**Task directions:**
Extract only the lines running from the top of the entries to the line that holds "faceted_brep, source, transform, mapped, element, save". Include that line and omit the pictures.

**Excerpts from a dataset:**
====
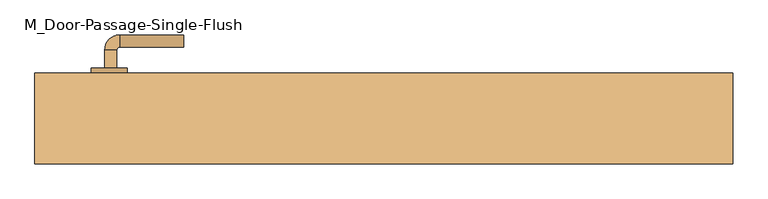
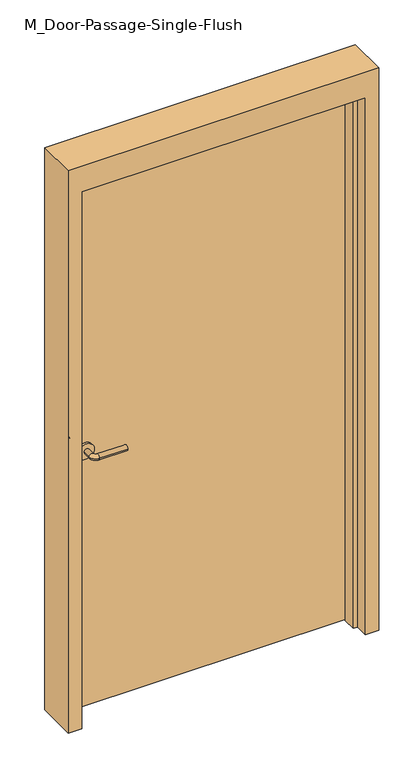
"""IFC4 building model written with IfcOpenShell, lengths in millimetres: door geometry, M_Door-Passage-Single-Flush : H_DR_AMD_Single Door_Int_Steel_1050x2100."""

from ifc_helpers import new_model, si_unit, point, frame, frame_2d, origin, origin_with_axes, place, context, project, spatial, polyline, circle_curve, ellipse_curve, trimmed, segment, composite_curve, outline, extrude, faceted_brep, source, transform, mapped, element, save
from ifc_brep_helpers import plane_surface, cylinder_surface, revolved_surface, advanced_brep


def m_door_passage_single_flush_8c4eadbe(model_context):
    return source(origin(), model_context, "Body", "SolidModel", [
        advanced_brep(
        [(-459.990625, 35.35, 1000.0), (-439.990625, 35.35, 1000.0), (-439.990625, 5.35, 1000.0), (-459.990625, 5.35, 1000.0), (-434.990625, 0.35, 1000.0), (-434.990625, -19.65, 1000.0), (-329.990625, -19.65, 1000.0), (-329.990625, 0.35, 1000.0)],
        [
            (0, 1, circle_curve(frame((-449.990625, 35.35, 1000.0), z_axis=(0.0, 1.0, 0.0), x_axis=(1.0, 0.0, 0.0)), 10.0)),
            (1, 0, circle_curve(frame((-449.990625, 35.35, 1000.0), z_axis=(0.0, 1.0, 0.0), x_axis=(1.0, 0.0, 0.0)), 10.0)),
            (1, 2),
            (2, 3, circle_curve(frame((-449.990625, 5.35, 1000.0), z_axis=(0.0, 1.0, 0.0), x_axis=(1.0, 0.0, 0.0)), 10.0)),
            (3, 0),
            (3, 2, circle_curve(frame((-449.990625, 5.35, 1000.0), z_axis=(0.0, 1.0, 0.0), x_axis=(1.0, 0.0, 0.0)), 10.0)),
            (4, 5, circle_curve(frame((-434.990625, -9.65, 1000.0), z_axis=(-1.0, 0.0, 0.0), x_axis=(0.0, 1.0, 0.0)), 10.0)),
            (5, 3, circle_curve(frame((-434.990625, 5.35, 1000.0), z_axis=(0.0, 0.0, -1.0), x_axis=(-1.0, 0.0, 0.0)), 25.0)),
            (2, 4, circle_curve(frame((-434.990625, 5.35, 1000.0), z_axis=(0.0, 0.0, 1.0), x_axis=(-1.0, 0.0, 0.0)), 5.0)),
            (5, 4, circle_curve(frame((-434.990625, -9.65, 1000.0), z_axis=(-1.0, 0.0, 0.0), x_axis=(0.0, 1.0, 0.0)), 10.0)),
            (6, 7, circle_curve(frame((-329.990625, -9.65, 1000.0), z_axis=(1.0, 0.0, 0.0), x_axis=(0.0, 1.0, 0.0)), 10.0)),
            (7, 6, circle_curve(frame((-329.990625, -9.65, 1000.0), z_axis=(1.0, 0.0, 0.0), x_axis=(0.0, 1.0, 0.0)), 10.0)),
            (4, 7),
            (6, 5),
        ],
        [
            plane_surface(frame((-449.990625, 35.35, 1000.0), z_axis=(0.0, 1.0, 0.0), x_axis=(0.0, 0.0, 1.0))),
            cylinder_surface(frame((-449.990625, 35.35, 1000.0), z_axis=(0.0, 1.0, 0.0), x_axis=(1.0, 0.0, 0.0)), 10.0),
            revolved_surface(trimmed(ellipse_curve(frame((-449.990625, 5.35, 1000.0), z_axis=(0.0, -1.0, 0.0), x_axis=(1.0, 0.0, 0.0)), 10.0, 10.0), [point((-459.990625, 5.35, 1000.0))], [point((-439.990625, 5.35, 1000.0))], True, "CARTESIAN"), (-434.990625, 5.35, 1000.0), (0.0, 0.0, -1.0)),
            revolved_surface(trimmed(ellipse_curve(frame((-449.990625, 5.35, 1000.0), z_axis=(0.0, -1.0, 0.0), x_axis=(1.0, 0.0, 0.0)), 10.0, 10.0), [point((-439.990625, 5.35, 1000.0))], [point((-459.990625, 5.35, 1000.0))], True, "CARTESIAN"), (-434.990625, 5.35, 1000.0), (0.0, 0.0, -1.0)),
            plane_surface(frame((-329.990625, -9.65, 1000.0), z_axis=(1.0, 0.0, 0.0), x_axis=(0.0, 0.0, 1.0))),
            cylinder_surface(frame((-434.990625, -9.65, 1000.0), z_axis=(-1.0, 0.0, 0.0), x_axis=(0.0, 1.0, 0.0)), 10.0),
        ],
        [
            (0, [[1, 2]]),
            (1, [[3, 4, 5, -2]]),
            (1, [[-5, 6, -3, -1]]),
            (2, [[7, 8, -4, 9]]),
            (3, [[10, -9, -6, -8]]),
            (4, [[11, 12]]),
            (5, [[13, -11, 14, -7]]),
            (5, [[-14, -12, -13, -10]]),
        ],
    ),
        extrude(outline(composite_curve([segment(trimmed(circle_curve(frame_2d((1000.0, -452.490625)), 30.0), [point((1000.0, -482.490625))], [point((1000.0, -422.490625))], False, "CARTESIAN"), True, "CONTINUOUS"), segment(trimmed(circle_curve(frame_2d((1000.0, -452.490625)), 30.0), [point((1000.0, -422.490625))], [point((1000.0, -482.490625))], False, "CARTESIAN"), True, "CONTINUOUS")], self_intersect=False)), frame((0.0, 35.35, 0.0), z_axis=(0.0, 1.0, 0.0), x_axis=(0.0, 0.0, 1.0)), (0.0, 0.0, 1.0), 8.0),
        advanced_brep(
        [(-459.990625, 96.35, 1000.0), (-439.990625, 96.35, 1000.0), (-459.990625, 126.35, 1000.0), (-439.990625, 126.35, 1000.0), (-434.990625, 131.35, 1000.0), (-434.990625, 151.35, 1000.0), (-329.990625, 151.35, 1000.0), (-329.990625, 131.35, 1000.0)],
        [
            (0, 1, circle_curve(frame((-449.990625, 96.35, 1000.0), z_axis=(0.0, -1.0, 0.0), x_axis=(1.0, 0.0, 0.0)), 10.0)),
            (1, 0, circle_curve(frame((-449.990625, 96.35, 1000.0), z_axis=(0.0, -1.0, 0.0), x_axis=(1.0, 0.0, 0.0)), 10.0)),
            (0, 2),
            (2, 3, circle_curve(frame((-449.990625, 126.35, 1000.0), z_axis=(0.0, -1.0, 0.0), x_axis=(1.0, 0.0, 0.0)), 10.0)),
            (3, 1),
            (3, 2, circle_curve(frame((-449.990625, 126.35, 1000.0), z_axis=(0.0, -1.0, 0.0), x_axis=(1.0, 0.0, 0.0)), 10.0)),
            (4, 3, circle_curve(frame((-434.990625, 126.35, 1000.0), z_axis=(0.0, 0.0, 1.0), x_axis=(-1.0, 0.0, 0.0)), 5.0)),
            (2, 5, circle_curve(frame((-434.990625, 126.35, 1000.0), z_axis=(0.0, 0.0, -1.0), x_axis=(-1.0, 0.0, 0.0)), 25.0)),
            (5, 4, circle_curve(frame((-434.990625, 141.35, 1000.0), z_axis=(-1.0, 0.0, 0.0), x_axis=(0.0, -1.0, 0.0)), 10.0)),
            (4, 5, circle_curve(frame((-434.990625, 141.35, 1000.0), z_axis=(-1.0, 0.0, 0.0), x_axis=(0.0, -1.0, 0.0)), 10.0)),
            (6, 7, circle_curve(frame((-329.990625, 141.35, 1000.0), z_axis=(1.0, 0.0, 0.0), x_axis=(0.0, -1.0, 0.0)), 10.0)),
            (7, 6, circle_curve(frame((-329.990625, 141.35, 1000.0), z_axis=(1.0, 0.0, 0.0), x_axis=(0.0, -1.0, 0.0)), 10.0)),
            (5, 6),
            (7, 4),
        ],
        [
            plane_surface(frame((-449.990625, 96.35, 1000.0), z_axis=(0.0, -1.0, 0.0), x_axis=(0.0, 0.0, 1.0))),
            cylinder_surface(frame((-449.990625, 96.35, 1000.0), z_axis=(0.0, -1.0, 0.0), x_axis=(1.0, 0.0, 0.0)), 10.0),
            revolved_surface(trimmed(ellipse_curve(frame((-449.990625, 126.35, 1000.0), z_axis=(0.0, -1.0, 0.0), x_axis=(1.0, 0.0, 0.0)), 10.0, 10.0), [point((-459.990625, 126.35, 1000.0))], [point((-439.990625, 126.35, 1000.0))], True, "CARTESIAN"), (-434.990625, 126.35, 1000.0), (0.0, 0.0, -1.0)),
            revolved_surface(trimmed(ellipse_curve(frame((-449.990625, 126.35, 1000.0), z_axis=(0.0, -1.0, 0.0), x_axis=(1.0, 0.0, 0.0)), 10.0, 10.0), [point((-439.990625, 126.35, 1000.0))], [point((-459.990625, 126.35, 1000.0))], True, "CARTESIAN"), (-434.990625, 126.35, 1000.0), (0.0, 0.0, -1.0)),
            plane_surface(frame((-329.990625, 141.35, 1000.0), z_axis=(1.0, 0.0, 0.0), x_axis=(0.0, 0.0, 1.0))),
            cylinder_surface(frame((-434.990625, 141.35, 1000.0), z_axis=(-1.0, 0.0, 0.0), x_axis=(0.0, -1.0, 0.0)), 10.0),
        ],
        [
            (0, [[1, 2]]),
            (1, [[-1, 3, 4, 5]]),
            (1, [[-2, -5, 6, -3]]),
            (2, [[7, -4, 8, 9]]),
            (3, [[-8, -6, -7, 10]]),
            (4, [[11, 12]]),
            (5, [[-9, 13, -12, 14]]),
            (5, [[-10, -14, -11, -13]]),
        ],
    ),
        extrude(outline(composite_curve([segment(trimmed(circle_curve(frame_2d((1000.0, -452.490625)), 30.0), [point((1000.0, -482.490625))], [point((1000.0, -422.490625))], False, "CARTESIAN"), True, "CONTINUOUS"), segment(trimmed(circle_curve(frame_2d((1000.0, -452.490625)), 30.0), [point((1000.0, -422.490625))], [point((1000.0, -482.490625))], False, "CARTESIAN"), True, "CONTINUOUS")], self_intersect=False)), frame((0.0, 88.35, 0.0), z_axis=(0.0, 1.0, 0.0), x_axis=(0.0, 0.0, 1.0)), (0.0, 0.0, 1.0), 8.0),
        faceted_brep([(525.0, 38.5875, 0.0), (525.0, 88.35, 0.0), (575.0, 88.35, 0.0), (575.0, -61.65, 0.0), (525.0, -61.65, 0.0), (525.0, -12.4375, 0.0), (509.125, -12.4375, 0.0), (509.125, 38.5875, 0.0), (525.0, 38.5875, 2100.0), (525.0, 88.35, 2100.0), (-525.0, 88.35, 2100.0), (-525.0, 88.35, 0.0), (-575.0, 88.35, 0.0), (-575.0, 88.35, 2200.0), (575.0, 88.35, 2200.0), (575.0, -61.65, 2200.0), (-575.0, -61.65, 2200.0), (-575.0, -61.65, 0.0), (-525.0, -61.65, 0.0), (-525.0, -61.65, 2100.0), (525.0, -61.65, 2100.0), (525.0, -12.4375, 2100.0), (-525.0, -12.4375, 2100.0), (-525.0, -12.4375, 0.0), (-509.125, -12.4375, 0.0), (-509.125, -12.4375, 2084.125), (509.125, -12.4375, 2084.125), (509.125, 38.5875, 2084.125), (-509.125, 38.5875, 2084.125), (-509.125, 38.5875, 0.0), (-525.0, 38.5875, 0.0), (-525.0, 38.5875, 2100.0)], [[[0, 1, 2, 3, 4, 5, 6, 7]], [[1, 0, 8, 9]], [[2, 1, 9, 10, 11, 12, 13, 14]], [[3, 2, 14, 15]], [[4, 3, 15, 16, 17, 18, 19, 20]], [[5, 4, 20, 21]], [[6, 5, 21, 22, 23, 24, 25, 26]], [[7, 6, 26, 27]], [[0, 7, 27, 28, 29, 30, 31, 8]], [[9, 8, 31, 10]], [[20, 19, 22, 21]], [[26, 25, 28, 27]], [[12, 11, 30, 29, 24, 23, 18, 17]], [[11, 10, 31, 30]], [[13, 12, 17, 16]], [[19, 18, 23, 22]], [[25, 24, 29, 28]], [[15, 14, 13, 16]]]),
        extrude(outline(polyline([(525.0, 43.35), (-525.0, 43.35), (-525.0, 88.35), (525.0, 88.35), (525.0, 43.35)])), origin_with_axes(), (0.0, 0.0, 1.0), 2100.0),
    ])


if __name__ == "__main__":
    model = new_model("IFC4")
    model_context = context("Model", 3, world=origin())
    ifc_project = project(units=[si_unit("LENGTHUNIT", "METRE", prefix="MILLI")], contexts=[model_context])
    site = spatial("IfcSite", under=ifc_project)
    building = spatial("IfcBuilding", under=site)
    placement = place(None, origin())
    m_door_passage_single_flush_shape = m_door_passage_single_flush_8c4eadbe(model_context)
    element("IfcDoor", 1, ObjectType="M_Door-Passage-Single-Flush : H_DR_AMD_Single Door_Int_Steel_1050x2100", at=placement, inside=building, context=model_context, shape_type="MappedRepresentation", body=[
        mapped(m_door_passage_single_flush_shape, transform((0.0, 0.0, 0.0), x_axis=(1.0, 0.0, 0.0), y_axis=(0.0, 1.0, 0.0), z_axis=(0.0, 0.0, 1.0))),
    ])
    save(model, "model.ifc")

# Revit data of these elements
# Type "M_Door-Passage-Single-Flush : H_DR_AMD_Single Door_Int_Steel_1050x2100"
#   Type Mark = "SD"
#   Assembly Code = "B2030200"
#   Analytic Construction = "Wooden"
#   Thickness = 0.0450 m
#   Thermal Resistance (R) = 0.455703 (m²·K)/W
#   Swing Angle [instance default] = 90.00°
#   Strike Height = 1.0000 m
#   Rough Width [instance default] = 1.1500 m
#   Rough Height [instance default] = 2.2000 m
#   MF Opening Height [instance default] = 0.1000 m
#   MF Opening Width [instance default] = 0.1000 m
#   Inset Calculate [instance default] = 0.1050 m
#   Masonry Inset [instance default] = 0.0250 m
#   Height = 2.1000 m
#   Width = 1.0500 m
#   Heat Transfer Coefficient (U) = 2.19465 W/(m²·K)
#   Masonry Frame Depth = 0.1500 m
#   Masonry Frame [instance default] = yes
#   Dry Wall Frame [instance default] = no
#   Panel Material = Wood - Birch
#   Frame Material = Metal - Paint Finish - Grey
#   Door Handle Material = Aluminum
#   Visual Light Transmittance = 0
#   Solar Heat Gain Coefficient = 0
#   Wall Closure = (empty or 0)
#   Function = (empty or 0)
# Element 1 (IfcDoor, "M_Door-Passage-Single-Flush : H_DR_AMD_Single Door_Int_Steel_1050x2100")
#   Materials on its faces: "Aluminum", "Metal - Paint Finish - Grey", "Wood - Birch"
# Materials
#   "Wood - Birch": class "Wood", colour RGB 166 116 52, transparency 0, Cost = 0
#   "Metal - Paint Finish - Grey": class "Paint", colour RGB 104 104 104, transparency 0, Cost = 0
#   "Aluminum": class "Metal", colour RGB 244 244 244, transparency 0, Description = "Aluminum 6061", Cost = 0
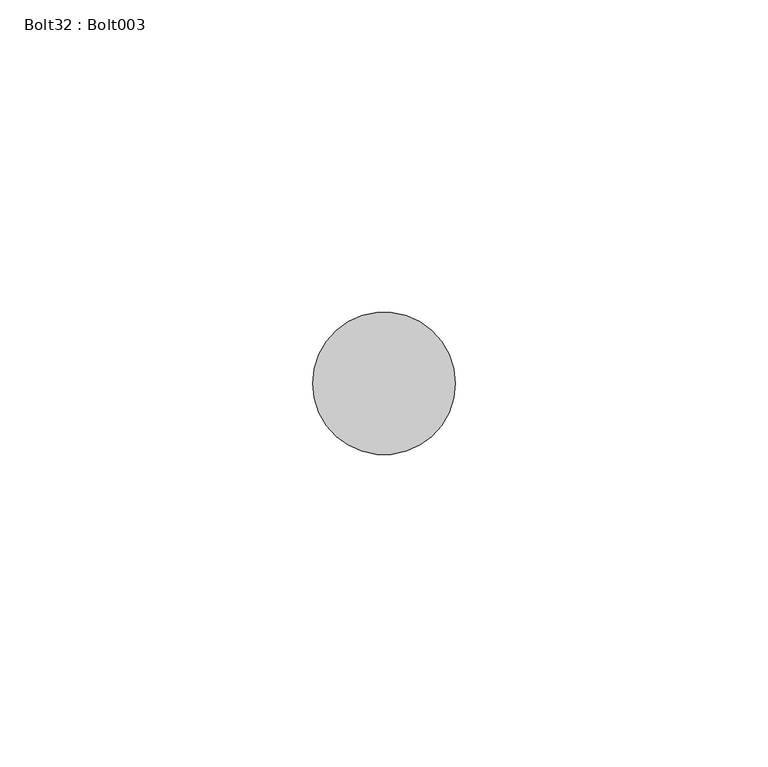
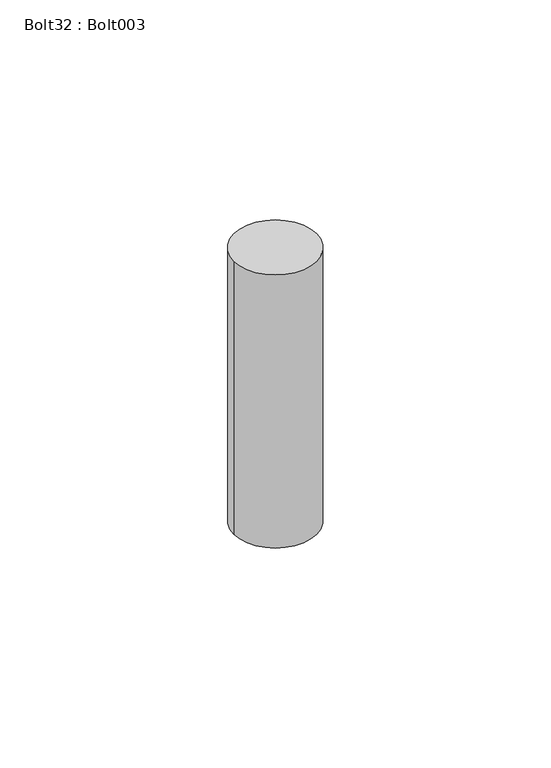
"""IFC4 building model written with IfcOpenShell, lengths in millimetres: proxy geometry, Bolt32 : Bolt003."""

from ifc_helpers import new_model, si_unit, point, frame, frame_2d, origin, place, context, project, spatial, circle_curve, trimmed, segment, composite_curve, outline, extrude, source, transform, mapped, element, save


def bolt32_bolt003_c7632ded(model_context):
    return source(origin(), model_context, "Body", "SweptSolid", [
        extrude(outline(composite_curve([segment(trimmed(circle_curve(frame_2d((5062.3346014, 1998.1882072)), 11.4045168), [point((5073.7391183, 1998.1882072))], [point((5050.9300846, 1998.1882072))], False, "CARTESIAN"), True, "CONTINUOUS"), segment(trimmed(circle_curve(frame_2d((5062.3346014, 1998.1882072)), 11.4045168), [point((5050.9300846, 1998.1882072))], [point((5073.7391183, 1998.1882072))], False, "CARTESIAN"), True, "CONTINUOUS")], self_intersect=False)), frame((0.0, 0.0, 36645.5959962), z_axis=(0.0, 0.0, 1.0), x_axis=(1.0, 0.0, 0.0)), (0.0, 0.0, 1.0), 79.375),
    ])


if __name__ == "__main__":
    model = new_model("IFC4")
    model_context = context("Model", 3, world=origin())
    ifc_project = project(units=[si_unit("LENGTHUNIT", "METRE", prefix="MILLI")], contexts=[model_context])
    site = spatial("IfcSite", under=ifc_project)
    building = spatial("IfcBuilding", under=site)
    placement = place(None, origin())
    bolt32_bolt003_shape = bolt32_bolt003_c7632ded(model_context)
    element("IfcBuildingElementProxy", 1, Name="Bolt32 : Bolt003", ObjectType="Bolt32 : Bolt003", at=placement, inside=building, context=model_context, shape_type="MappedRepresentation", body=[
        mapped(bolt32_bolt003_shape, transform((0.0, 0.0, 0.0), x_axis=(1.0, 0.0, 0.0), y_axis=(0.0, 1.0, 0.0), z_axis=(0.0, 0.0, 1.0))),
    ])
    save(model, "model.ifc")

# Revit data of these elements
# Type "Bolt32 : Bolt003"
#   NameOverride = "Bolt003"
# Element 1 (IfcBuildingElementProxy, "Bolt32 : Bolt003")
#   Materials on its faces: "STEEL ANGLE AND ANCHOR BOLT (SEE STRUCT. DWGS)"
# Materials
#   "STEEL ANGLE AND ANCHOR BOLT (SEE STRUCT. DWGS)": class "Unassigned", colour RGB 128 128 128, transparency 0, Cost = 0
====
**Expected answer:**
"""IFC4 building model written with IfcOpenShell, lengths in millimetres: door geometry, M_Door-Passage-Single-Flush : H_DR_AMD_Single Door_Int_Steel_1050x2100."""

from ifc_helpers import new_model, si_unit, point, frame, frame_2d, origin, origin_with_axes, place, context, project, spatial, polyline, circle_curve, ellipse_curve, trimmed, segment, composite_curve, outline, extrude, faceted_brep, source, transform, mapped, element, save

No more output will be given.